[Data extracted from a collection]
_ _ _ _ _ _ _

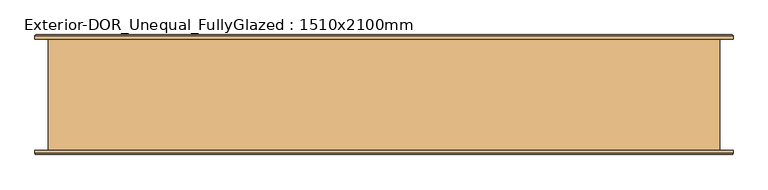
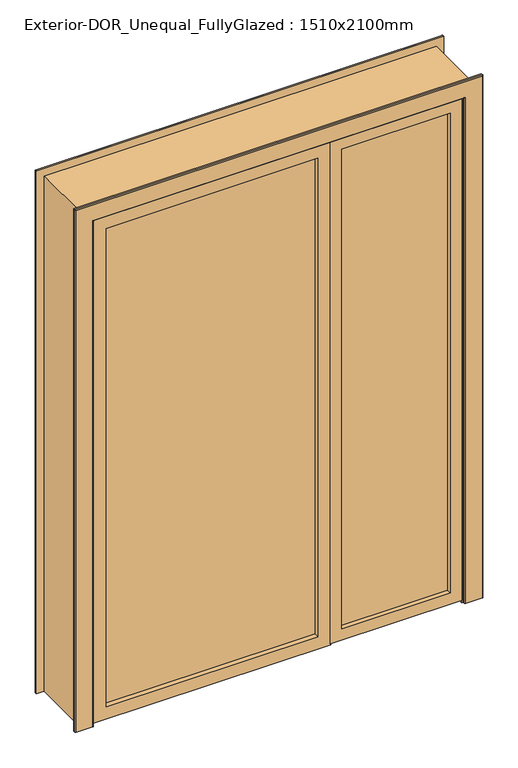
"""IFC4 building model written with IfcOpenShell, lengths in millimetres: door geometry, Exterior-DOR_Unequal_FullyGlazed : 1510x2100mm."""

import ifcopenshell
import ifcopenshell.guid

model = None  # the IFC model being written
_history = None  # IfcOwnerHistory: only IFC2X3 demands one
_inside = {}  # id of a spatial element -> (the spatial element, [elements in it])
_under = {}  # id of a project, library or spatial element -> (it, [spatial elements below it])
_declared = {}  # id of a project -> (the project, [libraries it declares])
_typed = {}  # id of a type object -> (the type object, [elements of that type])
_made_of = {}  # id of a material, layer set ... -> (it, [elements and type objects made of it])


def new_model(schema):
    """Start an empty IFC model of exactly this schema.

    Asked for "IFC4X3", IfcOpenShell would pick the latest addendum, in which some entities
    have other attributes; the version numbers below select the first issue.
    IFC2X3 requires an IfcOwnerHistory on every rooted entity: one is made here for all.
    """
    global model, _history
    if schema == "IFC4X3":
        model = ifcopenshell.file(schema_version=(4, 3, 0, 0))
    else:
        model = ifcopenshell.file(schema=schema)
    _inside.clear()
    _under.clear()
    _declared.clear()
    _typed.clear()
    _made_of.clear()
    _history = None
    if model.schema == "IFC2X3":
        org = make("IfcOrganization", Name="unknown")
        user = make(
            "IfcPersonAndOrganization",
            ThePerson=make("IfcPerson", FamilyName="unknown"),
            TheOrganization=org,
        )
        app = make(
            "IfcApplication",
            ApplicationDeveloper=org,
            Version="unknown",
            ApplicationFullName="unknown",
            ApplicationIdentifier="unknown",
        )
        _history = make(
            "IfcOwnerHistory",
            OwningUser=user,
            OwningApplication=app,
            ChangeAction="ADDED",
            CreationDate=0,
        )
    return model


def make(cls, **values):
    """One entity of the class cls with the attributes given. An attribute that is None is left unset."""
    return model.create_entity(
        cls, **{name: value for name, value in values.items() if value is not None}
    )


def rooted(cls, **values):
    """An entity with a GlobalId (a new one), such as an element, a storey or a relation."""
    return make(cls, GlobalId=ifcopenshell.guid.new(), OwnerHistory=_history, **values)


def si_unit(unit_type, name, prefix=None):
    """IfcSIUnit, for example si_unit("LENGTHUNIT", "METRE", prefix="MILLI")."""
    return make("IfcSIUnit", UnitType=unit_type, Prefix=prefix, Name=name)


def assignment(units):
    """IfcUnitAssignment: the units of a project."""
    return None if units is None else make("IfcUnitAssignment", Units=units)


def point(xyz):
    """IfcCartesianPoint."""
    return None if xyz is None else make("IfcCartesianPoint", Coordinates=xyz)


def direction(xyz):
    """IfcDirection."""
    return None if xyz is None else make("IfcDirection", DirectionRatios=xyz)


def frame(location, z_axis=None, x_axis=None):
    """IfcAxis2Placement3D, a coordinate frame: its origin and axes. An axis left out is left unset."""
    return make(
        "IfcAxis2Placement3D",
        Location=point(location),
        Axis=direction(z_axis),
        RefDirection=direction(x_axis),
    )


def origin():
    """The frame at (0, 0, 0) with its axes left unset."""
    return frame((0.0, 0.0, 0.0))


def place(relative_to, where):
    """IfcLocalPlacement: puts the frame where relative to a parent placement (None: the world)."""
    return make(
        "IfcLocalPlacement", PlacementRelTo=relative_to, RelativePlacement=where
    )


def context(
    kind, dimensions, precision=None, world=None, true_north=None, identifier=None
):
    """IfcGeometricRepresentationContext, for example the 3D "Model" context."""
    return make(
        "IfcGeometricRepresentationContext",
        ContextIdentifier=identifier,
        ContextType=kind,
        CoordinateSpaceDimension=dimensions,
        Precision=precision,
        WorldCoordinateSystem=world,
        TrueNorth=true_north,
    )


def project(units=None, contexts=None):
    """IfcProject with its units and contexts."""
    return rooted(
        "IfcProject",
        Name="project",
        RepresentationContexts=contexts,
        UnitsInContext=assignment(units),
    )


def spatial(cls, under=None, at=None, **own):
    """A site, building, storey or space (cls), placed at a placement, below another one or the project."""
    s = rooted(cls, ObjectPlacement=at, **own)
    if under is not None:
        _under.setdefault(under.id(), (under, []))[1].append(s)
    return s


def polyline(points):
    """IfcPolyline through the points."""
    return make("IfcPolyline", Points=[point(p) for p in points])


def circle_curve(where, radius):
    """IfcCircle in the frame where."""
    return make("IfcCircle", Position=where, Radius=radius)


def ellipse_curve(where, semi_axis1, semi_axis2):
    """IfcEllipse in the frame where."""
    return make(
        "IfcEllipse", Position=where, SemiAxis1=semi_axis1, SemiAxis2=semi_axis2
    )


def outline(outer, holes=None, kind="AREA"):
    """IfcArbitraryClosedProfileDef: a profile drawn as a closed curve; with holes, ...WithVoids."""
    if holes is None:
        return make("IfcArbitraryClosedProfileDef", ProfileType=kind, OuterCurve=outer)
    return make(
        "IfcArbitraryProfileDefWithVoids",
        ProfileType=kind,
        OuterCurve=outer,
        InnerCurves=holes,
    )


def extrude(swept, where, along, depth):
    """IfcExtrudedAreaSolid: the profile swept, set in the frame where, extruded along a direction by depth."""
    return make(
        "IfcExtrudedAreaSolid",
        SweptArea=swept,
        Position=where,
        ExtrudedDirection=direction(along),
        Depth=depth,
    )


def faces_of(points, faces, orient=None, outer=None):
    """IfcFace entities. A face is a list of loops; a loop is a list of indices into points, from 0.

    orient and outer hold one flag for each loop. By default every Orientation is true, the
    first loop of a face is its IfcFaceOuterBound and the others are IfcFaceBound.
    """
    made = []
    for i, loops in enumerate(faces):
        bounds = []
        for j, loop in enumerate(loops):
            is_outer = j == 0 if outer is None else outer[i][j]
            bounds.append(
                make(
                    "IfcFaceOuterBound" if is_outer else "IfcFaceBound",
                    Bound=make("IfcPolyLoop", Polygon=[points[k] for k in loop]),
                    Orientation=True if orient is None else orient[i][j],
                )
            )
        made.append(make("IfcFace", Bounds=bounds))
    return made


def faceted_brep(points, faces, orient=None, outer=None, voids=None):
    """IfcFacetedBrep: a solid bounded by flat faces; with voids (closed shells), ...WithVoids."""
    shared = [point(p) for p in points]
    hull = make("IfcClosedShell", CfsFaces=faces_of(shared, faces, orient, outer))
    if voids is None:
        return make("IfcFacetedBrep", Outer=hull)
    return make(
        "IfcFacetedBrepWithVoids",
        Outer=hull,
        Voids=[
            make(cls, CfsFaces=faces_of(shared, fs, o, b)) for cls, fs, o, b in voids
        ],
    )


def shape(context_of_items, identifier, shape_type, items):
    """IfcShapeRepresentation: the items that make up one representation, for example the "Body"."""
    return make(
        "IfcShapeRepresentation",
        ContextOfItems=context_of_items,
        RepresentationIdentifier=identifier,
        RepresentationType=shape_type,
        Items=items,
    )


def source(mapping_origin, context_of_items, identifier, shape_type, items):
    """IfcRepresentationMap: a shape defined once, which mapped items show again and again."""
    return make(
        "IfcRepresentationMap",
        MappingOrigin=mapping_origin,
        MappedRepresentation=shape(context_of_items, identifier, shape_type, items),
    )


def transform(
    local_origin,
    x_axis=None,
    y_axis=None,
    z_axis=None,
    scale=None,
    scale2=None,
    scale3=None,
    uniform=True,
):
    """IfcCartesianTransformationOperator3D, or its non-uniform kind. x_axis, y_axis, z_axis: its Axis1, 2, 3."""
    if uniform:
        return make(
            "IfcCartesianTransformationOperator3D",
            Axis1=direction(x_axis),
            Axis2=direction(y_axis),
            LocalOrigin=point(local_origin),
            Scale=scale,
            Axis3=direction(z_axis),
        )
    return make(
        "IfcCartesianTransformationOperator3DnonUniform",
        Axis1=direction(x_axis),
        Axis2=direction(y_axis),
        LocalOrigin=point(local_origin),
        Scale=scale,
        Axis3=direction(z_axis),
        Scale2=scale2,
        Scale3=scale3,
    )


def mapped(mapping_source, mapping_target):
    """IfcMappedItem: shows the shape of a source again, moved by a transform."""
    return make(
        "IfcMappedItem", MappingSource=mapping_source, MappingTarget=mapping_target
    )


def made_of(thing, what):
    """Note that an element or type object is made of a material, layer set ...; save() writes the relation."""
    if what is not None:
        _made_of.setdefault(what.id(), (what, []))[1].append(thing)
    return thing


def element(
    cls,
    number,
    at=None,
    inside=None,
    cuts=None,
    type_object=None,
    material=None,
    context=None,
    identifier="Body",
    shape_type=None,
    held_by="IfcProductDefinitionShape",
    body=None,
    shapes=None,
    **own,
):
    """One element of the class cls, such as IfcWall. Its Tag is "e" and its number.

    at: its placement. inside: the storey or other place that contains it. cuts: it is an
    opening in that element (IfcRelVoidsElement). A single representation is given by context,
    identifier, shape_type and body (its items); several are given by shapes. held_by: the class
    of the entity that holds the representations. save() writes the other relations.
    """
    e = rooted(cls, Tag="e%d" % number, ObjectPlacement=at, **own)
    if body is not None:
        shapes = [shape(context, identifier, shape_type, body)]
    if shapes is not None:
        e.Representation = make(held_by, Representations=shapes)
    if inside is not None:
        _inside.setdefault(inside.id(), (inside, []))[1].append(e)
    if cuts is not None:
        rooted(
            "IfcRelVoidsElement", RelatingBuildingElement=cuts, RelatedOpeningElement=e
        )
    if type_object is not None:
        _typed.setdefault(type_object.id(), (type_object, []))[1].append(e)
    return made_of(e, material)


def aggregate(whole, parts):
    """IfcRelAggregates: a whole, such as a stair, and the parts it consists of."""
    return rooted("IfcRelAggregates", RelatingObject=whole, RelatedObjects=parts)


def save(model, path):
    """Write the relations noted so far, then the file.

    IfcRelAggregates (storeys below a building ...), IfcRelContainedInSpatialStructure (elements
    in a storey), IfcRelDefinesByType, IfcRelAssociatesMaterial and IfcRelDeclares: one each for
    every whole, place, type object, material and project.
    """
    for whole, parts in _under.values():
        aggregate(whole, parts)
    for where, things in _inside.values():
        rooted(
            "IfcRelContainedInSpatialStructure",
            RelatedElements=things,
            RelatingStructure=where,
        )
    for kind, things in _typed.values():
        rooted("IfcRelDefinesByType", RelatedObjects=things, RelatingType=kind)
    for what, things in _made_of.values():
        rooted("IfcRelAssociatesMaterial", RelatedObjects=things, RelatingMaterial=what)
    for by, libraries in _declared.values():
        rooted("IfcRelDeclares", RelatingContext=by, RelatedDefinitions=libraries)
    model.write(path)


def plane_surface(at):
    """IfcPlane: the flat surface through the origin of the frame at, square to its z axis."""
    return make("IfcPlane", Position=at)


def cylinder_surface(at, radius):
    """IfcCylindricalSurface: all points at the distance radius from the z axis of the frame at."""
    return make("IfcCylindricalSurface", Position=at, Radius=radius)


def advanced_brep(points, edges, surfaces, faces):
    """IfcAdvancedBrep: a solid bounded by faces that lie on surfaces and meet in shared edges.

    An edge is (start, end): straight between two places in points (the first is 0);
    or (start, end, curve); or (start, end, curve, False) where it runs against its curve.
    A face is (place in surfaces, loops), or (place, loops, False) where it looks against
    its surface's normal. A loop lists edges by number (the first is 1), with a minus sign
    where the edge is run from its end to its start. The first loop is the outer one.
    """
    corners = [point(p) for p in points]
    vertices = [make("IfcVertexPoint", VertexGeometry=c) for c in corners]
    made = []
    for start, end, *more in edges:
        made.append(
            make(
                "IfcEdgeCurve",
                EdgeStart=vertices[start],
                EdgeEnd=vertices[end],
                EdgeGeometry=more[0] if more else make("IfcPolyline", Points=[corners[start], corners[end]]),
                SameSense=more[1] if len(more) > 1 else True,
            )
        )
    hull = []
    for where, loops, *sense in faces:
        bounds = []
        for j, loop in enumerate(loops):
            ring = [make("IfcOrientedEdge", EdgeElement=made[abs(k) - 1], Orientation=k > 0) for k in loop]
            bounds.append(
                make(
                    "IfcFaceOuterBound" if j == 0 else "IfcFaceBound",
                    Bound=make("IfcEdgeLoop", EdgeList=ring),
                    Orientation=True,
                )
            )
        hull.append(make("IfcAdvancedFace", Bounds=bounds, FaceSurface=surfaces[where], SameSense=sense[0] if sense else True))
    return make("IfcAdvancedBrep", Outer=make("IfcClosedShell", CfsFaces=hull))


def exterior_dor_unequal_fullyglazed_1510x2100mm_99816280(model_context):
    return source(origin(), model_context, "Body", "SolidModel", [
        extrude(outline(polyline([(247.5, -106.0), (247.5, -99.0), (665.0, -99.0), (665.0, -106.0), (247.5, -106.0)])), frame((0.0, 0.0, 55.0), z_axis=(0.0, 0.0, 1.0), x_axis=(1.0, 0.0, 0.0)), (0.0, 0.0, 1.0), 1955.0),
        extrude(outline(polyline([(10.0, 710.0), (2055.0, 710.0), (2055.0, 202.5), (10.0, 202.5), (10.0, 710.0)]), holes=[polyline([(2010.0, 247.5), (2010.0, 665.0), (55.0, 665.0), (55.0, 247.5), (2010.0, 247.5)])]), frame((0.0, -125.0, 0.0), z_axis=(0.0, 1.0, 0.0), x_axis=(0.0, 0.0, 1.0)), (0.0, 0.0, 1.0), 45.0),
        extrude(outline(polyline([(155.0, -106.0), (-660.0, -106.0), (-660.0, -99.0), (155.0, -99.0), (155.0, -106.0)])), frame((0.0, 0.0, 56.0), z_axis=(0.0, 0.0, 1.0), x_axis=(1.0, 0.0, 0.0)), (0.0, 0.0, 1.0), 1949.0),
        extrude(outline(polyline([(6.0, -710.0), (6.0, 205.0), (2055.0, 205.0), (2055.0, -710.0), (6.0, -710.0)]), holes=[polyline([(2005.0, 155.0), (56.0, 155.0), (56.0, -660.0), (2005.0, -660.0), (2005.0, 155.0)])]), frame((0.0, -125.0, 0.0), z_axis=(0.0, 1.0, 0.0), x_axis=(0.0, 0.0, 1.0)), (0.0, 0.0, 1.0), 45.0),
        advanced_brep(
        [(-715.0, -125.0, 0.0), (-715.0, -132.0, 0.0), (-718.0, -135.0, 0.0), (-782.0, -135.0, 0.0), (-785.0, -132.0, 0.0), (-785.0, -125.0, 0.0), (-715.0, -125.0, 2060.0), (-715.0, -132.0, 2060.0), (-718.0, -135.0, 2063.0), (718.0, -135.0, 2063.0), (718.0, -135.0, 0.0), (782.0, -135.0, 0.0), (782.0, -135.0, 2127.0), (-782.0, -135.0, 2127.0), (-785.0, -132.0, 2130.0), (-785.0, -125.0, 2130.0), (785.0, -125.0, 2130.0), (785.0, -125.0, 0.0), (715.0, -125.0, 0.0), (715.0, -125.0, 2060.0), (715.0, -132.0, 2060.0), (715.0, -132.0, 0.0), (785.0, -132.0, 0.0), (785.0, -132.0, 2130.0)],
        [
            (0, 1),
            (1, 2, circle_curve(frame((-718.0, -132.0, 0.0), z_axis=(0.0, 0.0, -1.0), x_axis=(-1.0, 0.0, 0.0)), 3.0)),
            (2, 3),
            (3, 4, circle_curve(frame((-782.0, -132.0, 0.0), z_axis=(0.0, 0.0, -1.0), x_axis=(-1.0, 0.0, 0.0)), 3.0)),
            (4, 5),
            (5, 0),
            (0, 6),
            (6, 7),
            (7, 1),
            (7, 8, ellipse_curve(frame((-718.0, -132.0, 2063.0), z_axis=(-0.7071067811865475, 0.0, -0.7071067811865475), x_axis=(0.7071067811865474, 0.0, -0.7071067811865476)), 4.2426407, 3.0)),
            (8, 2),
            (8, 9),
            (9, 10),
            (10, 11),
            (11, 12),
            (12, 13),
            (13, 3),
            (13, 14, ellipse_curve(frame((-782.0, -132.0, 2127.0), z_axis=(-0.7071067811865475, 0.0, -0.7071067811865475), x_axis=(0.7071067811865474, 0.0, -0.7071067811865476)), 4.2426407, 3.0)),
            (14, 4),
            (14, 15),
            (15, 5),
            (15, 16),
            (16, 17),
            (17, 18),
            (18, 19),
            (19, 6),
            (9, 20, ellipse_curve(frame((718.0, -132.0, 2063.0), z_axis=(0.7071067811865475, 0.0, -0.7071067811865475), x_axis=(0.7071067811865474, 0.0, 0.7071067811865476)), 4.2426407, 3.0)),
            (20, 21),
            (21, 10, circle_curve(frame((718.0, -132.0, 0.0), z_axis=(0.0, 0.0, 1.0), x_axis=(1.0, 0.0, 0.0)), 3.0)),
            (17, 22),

_ _ _ _ _ _ _

• [What needs to be done]: Filter the entries down to the lines with the word "IfcEllipse" in them.

• [Exercise output]:
    """IfcEllipse in the frame where."""
        "IfcEllipse", Position=where, SemiAxis1=semi_axis1, SemiAxis2=semi_axis2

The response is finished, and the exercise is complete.